Baby Bottleneck | |
---|---|
Looney Tunes (Daffy Duck/Porky Pig) series | |
Directed by | Bob Clampett |
Produced by | Edward Selzer |
Story by | Warren Foster |
Voices by |
Mel Blanc (Various Other Characters-uncredited) Sara Berner ("Mama" Gorilla-uncredited) |
Music by | Carl Stalling |
Animation by |
Rod Scribner Manny Gould Bill Melendez I. Ellis |
Layouts by | Thomas McKimson |
Backgrounds by | Dorcy Howard |
Studio | Warner Bros. Cartoons, Inc. |
Distributed by | Warner Bros. Pictures |
Release date(s) | March 16, 1946 (Original USA release) June 14, 1952 (Blue Ribbon Reissue) |
Color process | Technicolor |
Running time | 7 minutes |
Language | English |
Baby Bottleneck is a Warner Bros. Looney Tunes (reissued as a Blue Ribbon) theatrical cartoon short released in 1946 and directed by Bob Clampett and written by Warren Foster. It stars Porky Pig and Daffy Duck.
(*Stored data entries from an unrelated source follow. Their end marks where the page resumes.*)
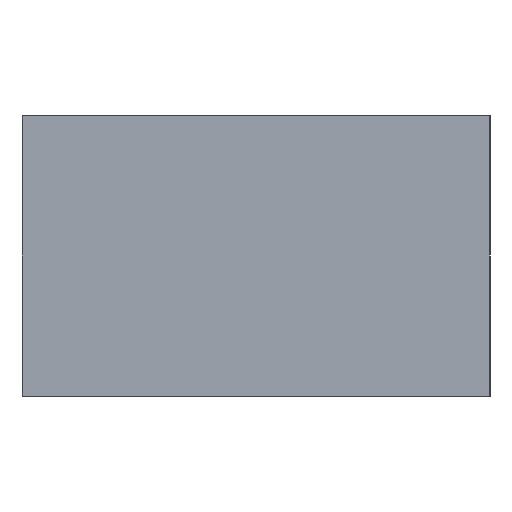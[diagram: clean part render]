
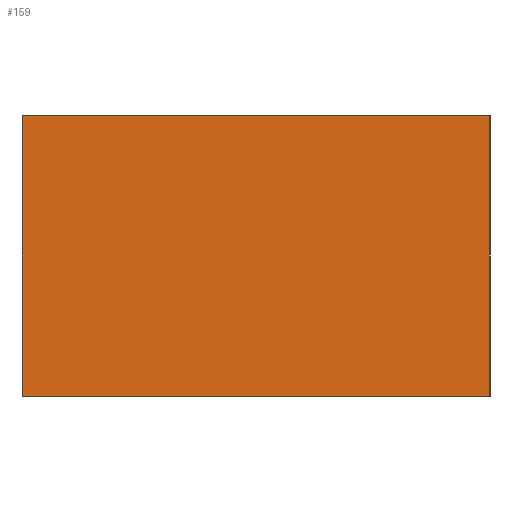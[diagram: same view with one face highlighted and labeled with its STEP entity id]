
A CAD part, left-side view. The second image highlights one B-rep face of the part: STEP entity #159.
In plain terms, the highlighted planar face has unit normal (-1, 0, 0).
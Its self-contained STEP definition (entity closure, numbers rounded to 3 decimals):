
#12 = CARTESIAN_POINT ( 'NONE',  ( 0., 0., 0. ) ) ;
#14 = EDGE_CURVE ( 'NONE', #254, #325, #88, .T. ) ;
#35 = CARTESIAN_POINT ( 'NONE',  ( 0., 0., 15. ) ) ;
#53 = VERTEX_POINT ( 'NONE', #349 ) ;
#88 = LINE ( 'NONE', #256, #251 ) ;
#99 = EDGE_CURVE ( 'NONE', #254, #115, #342, .T. ) ;
#100 = DIRECTION ( 'NONE',  ( 0., 0., -1. ) ) ;
#108 = VECTOR ( 'NONE', #270, 1000. ) ;
#109 = ORIENTED_EDGE ( 'NONE', *, *, #99, .F. ) ;
#115 = VERTEX_POINT ( 'NONE', #289 ) ;
#142 = AXIS2_PLACEMENT_3D ( 'NONE', #166, #169, #100 ) ;
#146 = LINE ( 'NONE', #12, #182 ) ;
#159 = ADVANCED_FACE ( 'NONE', ( #207 ), #294, .F. ) ;
#166 = CARTESIAN_POINT ( 'NONE',  ( 0., 0., 15. ) ) ;
#169 = DIRECTION ( 'NONE',  ( 1., 0., 0. ) ) ;
#177 = ORIENTED_EDGE ( 'NONE', *, *, #259, .F. ) ;
#182 = VECTOR ( 'NONE', #298, 1000. ) ;
#207 = FACE_OUTER_BOUND ( 'NONE', #258, .T. ) ;
#241 = ORIENTED_EDGE ( 'NONE', *, *, #14, .T. ) ;
#251 = VECTOR ( 'NONE', #314, 1000. ) ;
#254 = VERTEX_POINT ( 'NONE', #368 ) ;
#256 = CARTESIAN_POINT ( 'NONE',  ( 0., 25., 15. ) ) ;
#258 = EDGE_LOOP ( 'NONE', ( #279, #177, #109, #241 ) ) ;
#259 = EDGE_CURVE ( 'NONE', #115, #53, #384, .T. ) ;
#270 = DIRECTION ( 'NONE',  ( 0., 0., -1. ) ) ;
#275 = EDGE_CURVE ( 'NONE', #325, #53, #146, .T. ) ;
#279 = ORIENTED_EDGE ( 'NONE', *, *, #275, .T. ) ;
#289 = CARTESIAN_POINT ( 'NONE',  ( 0., 0., 15. ) ) ;
#294 = PLANE ( 'NONE',  #142 ) ;
#298 = DIRECTION ( 'NONE',  ( 0., -1., 0. ) ) ;
#314 = DIRECTION ( 'NONE',  ( 0., 0., -1. ) ) ;
#325 = VERTEX_POINT ( 'NONE', #367 ) ;
#342 = LINE ( 'NONE', #35, #386 ) ;
#349 = CARTESIAN_POINT ( 'NONE',  ( 0., 0., 0. ) ) ;
#359 = DIRECTION ( 'NONE',  ( 0., -1., 0. ) ) ;
#366 = CARTESIAN_POINT ( 'NONE',  ( 0., 0., 15. ) ) ;
#367 = CARTESIAN_POINT ( 'NONE',  ( 0., 25., 0. ) ) ;
#368 = CARTESIAN_POINT ( 'NONE',  ( 0., 25., 15. ) ) ;
#384 = LINE ( 'NONE', #366, #108 ) ;
#386 = VECTOR ( 'NONE', #359, 1000. ) ;
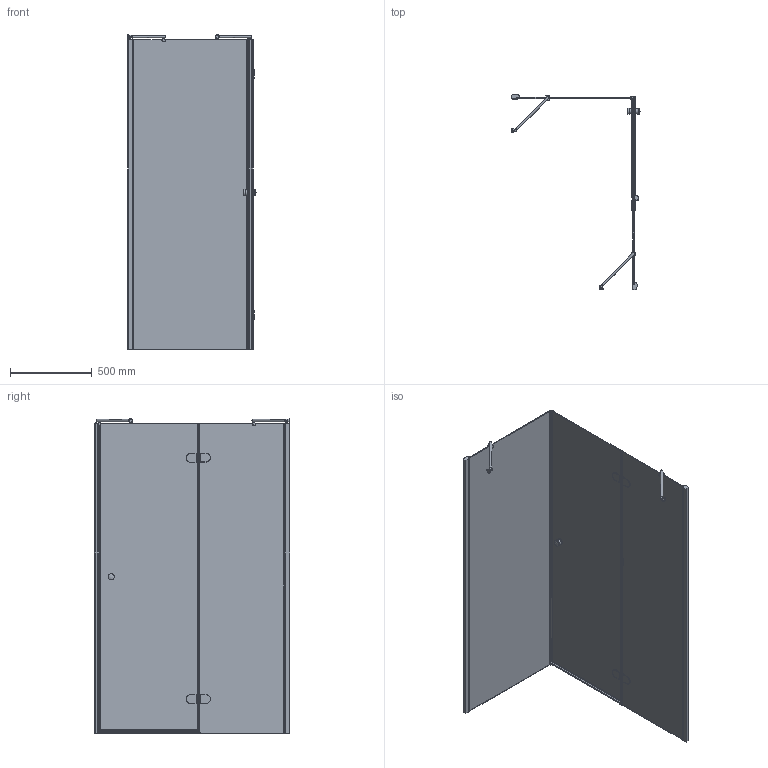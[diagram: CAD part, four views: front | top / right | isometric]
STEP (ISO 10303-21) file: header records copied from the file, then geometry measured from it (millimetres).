
FILE_DESCRIPTION(/* description */ (''),/* implementation_level */ '2;1');
FILE_NAME(/* name */ 'E:\Работа\Сергей\Душевые кабинки\! Работа\777\LUX RECTAN GK-103\LUX RECTAN GK-103 левая модель\LUX RECTAN GK-103 ЛЕВАЯ-3D.stp',/* time_stamp */ '2018-04-21T10:00:51+03:00',/* author */ ('PC'),/* organization */ (''),/* preprocessor_version */ 'ST-DEVELOPER v15.2',/* originating_system */ 'Autodesk Inventor 2014',/* authorisation */ '');
FILE_SCHEMA (('AUTOMOTIVE_DESIGN { 1 0 10303 214 3 1 1 }'));
Length unit declared in the file: millimetre
Products named in the file (1): LUX RECTAN GK-103 ЛЕВАЯ-3D
Bounding box: 787 x 1198.62 x 1931.5 mm (x, y, z)
Volume: 25554760.7 mm3; surface area: 7901571.2 mm2
Topology: 13 solids, 15 shells, 588 faces, 1618 edges, 1061 vertices
Faces by surface type: plane 376, cylinder 185, torus 15, sphere 6, bspline 6
Full cylindrical faces by diameter (mm): 15 x2, 20 x4, 26 x2, 38 x4
Entity records: 19554 total; most frequent: CARTESIAN_POINT 3868, ORIENTED_EDGE 3168, DIRECTION 3106, EDGE_CURVE 1584, LINE 1124, VECTOR 1124, VERTEX_POINT 1047, AXIS2_PLACEMENT_3D 991
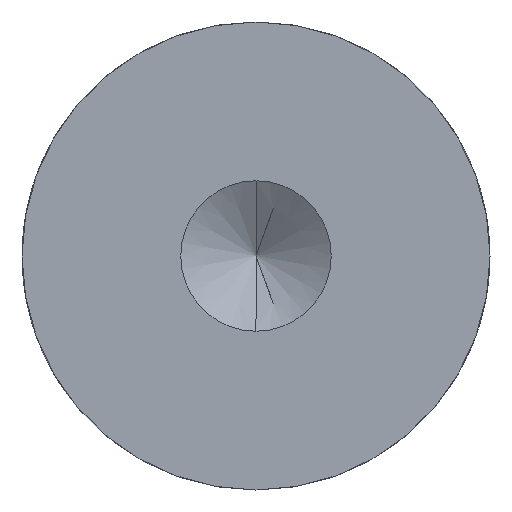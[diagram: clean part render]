
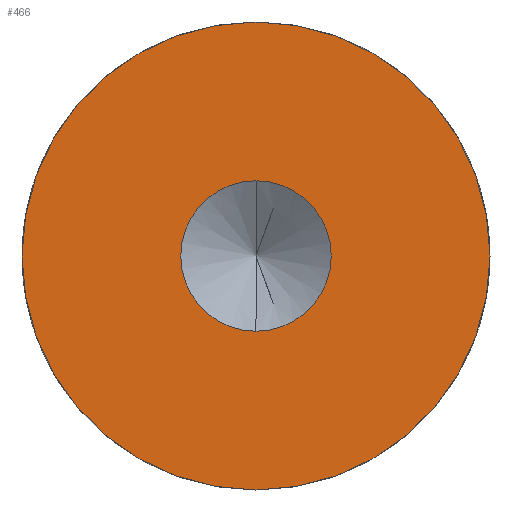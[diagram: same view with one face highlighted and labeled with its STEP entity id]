
A CAD part, left-side view. The second image highlights one B-rep face of the part: STEP entity #466.
In plain terms, the highlighted planar face has unit normal (-1, 0, 0).
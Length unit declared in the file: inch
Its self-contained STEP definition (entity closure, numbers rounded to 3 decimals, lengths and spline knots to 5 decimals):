
#22 = FACE_OUTER_BOUND ( 'NONE', #247, .T. ) ;
#66 = DIRECTION ( 'NONE',  ( 0., -1., 0. ) ) ;
#97 = DIRECTION ( 'NONE',  ( 0., -1., 0. ) ) ;
#108 = EDGE_CURVE ( 'NONE', #153, #231, #341, .T. ) ;
#112 = CIRCLE ( 'NONE', #637, 0.3125 ) ;
#130 = CIRCLE ( 'NONE', #332, 0.1005 ) ;
#153 = VERTEX_POINT ( 'NONE', #387 ) ;
#170 = EDGE_CURVE ( 'NONE', #231, #153, #112, .T. ) ;
#171 = CARTESIAN_POINT ( 'NONE',  ( -0.593, 0., 0. ) ) ;
#195 = DIRECTION ( 'NONE',  ( -1., 0., 0. ) ) ;
#196 = CIRCLE ( 'NONE', #268, 0.1005 ) ;
#201 = CARTESIAN_POINT ( 'NONE',  ( -0.593, 0., 0. ) ) ;
#212 = DIRECTION ( 'NONE',  ( -1., 0., 0. ) ) ;
#231 = VERTEX_POINT ( 'NONE', #303 ) ;
#246 = VERTEX_POINT ( 'NONE', #454 ) ;
#247 = EDGE_LOOP ( 'NONE', ( #355, #360 ) ) ;
#248 = ORIENTED_EDGE ( 'NONE', *, *, #434, .F. ) ;
#268 = AXIS2_PLACEMENT_3D ( 'NONE', #505, #504, #501 ) ;
#303 = CARTESIAN_POINT ( 'NONE',  ( -0.593, -0.3125, 0. ) ) ;
#332 = AXIS2_PLACEMENT_3D ( 'NONE', #617, #616, #607 ) ;
#341 = CIRCLE ( 'NONE', #606, 0.3125 ) ;
#352 = EDGE_LOOP ( 'NONE', ( #248, #535 ) ) ;
#355 = ORIENTED_EDGE ( 'NONE', *, *, #170, .T. ) ;
#356 = FACE_BOUND ( 'NONE', #352, .T. ) ;
#360 = ORIENTED_EDGE ( 'NONE', *, *, #108, .T. ) ;
#387 = CARTESIAN_POINT ( 'NONE',  ( -0.593, 0.3125, 0. ) ) ;
#434 = EDGE_CURVE ( 'NONE', #246, #623, #130, .T. ) ;
#454 = CARTESIAN_POINT ( 'NONE',  ( -0.593, 0., 0.1005 ) ) ;
#466 = ADVANCED_FACE ( 'NONE', ( #356, #22 ), #593, .F. ) ;
#501 = DIRECTION ( 'NONE',  ( 0., 0., 1. ) ) ;
#504 = DIRECTION ( 'NONE',  ( -1., 0., 0. ) ) ;
#505 = CARTESIAN_POINT ( 'NONE',  ( -0.593, 0., 0. ) ) ;
#515 = CARTESIAN_POINT ( 'NONE',  ( -0.593, 0., -0.1005 ) ) ;
#535 = ORIENTED_EDGE ( 'NONE', *, *, #645, .F. ) ;
#579 = DIRECTION ( 'NONE',  ( 0., 1., 0. ) ) ;
#585 = DIRECTION ( 'NONE',  ( 1., 0., 0. ) ) ;
#588 = CARTESIAN_POINT ( 'NONE',  ( -0.593, 0., 0. ) ) ;
#593 = PLANE ( 'NONE',  #619 ) ;
#606 = AXIS2_PLACEMENT_3D ( 'NONE', #171, #212, #66 ) ;
#607 = DIRECTION ( 'NONE',  ( 0., 0., 1. ) ) ;
#616 = DIRECTION ( 'NONE',  ( -1., 0., 0. ) ) ;
#617 = CARTESIAN_POINT ( 'NONE',  ( -0.593, 0., 0. ) ) ;
#619 = AXIS2_PLACEMENT_3D ( 'NONE', #588, #585, #579 ) ;
#623 = VERTEX_POINT ( 'NONE', #515 ) ;
#637 = AXIS2_PLACEMENT_3D ( 'NONE', #201, #195, #97 ) ;
#645 = EDGE_CURVE ( 'NONE', #623, #246, #196, .T. ) ;
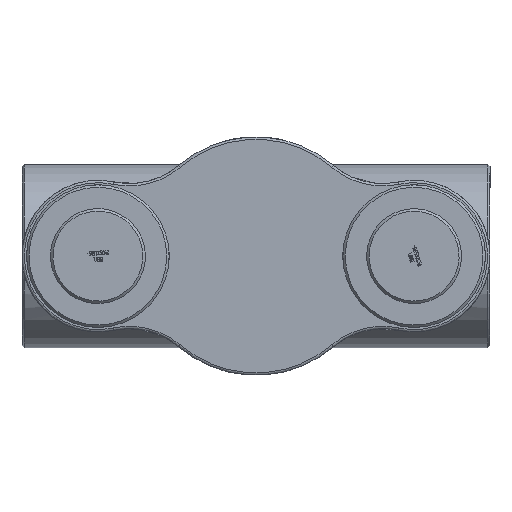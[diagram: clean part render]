
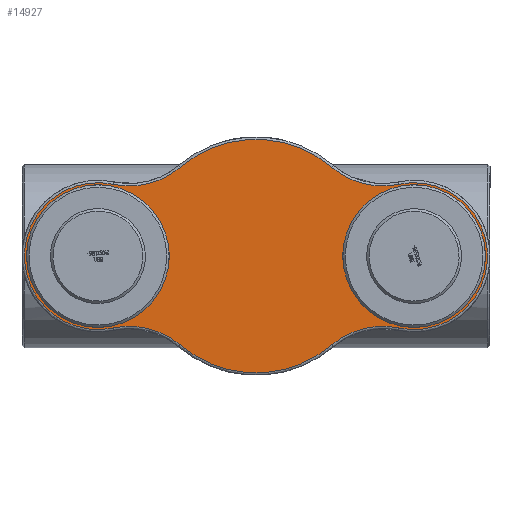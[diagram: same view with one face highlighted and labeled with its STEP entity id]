
A CAD part, front view. The second image highlights one B-rep face of the part: STEP entity #14927.
In plain terms, the highlighted planar face has unit normal (0, -1, 0) as drawn and (0, 0, -1) by its records, which use the part's own axes.
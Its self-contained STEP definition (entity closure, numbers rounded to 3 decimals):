
#3923=PLANE('',#15885);
#4330=FACE_BOUND('',#5301,.T.);
#4331=FACE_BOUND('',#5302,.T.);
#4431=FACE_OUTER_BOUND('',#5300,.T.);
#5300=EDGE_LOOP('',(#10298,#10299,#10300,#10301,#10302,#10303,#10304,#10305));
#5301=EDGE_LOOP('',(#10306));
#5302=EDGE_LOOP('',(#10307));
#6268=CIRCLE('',#15884,106.5);
#6269=CIRCLE('',#15886,151.);
#6270=CIRCLE('',#15887,161.);
#6271=CIRCLE('',#15888,240.);
#6272=CIRCLE('',#15889,161.);
#6273=CIRCLE('',#15890,151.);
#6274=CIRCLE('',#15891,161.);
#6275=CIRCLE('',#15892,240.);
#6276=CIRCLE('',#15893,161.);
#6277=CIRCLE('',#15894,106.5);
#6456=VERTEX_POINT('',#19365);
#6457=VERTEX_POINT('',#19368);
#6458=VERTEX_POINT('',#19369);
#6459=VERTEX_POINT('',#19371);
#6460=VERTEX_POINT('',#19373);
#6461=VERTEX_POINT('',#19375);
#6462=VERTEX_POINT('',#19377);
#6463=VERTEX_POINT('',#19379);
#6464=VERTEX_POINT('',#19381);
#6465=VERTEX_POINT('',#19384);
#7992=EDGE_CURVE('',#6456,#6456,#6268,.T.);
#7993=EDGE_CURVE('',#6457,#6458,#6269,.T.);
#7994=EDGE_CURVE('',#6459,#6457,#6270,.T.);
#7995=EDGE_CURVE('',#6460,#6459,#6271,.T.);
#7996=EDGE_CURVE('',#6461,#6460,#6272,.T.);
#7997=EDGE_CURVE('',#6462,#6461,#6273,.T.);
#7998=EDGE_CURVE('',#6463,#6462,#6274,.T.);
#7999=EDGE_CURVE('',#6464,#6463,#6275,.T.);
#8000=EDGE_CURVE('',#6458,#6464,#6276,.T.);
#8001=EDGE_CURVE('',#6465,#6465,#6277,.T.);
#10298=ORIENTED_EDGE('',*,*,#7993,.F.);
#10299=ORIENTED_EDGE('',*,*,#7994,.F.);
#10300=ORIENTED_EDGE('',*,*,#7995,.F.);
#10301=ORIENTED_EDGE('',*,*,#7996,.F.);
#10302=ORIENTED_EDGE('',*,*,#7997,.F.);
#10303=ORIENTED_EDGE('',*,*,#7998,.F.);
#10304=ORIENTED_EDGE('',*,*,#7999,.F.);
#10305=ORIENTED_EDGE('',*,*,#8000,.F.);
#10306=ORIENTED_EDGE('',*,*,#8001,.F.);
#10307=ORIENTED_EDGE('',*,*,#7992,.F.);
#14927=ADVANCED_FACE('',(#4431,#4330,#4331),#3923,.F.);
#15884=AXIS2_PLACEMENT_3D('',#19366,#16613,#16614);
#15885=AXIS2_PLACEMENT_3D('',#19367,#16615,#16616);
#15886=AXIS2_PLACEMENT_3D('',#19370,#16617,#16618);
#15887=AXIS2_PLACEMENT_3D('',#19372,#16619,#16620);
#15888=AXIS2_PLACEMENT_3D('',#19374,#16621,#16622);
#15889=AXIS2_PLACEMENT_3D('',#19376,#16623,#16624);
#15890=AXIS2_PLACEMENT_3D('',#19378,#16625,#16626);
#15891=AXIS2_PLACEMENT_3D('',#19380,#16627,#16628);
#15892=AXIS2_PLACEMENT_3D('',#19382,#16629,#16630);
#15893=AXIS2_PLACEMENT_3D('',#19383,#16631,#16632);
#15894=AXIS2_PLACEMENT_3D('',#19385,#16633,#16634);
#16613=DIRECTION('center_axis',(0.,0.,-1.));
#16614=DIRECTION('ref_axis',(1.,0.,0.));
#16615=DIRECTION('center_axis',(0.,0.,1.));
#16616=DIRECTION('ref_axis',(1.,0.,0.));
#16617=DIRECTION('center_axis',(0.,0.,1.));
#16618=DIRECTION('ref_axis',(-1.,0.,0.));
#16619=DIRECTION('center_axis',(0.,0.,-1.));
#16620=DIRECTION('ref_axis',(0.246,-0.969,0.));
#16621=DIRECTION('center_axis',(0.,0.,1.));
#16622=DIRECTION('ref_axis',(0.,1.,0.));
#16623=DIRECTION('center_axis',(0.,0.,-1.));
#16624=DIRECTION('ref_axis',(-0.246,-0.969,0.));
#16625=DIRECTION('center_axis',(0.,0.,1.));
#16626=DIRECTION('ref_axis',(1.,0.,0.));
#16627=DIRECTION('center_axis',(0.,0.,-1.));
#16628=DIRECTION('ref_axis',(-0.246,0.969,0.));
#16629=DIRECTION('center_axis',(0.,0.,1.));
#16630=DIRECTION('ref_axis',(0.,-1.,0.));
#16631=DIRECTION('center_axis',(0.,0.,-1.));
#16632=DIRECTION('ref_axis',(0.246,0.969,0.));
#16633=DIRECTION('center_axis',(0.,0.,-1.));
#16634=DIRECTION('ref_axis',(1.,0.,0.));
#19365=CARTESIAN_POINT('',(218.5,0.,0.));
#19366=CARTESIAN_POINT('Origin',(325.,0.,0.));
#19367=CARTESIAN_POINT('Origin',(0.,0.,0.));
#19368=CARTESIAN_POINT('',(-293.603,147.7,0.));
#19369=CARTESIAN_POINT('',(-293.603,-147.7,0.));
#19370=CARTESIAN_POINT('Origin',(-325.,0.,0.));
#19371=CARTESIAN_POINT('',(-155.686,182.652,0.));
#19372=CARTESIAN_POINT('Origin',(-260.126,305.181,0.));
#19373=CARTESIAN_POINT('',(155.686,182.652,0.));
#19374=CARTESIAN_POINT('Origin',(0.,0.,0.));
#19375=CARTESIAN_POINT('',(293.603,147.7,0.));
#19376=CARTESIAN_POINT('Origin',(260.126,305.181,0.));
#19377=CARTESIAN_POINT('',(293.603,-147.7,0.));
#19378=CARTESIAN_POINT('Origin',(325.,0.,0.));
#19379=CARTESIAN_POINT('',(155.686,-182.652,0.));
#19380=CARTESIAN_POINT('Origin',(260.126,-305.181,0.));
#19381=CARTESIAN_POINT('',(-155.686,-182.652,0.));
#19382=CARTESIAN_POINT('Origin',(0.,0.,0.));
#19383=CARTESIAN_POINT('Origin',(-260.126,-305.181,0.));
#19384=CARTESIAN_POINT('',(-431.5,0.,0.));
#19385=CARTESIAN_POINT('Origin',(-325.,0.,0.));

There is a baby boom of the post-war United States; an overworked stork (a clear Jimmy Durante reference) gets drunk in the Stork Club. There is an emergency delivery in which inexperienced animals, mostly older animals but including four crows attempting to deliver an elephant, take the babies to their parents. As a result, babies are getting sent to the wrong parents (such as a baby skunk to a goose, a baby kitten to a duck, a baby gorilla to a kangaroo, a baby hippopotamus to a Scottish Terrier, a baby alligator to a pig and a baby cat to a mouse). To clear up the confusion, Porky Pig is brought in to manage the factory, with Daffy Duck as his assistant. The babies are seen going through a conveyor belt (to the tune of Raymond Scott's famous "Powerhouse") and getting sent by various animals, while Daffy mans the phones, making quick references to Bing Crosby, Eddie Cantor and the Dionne Quintuplets.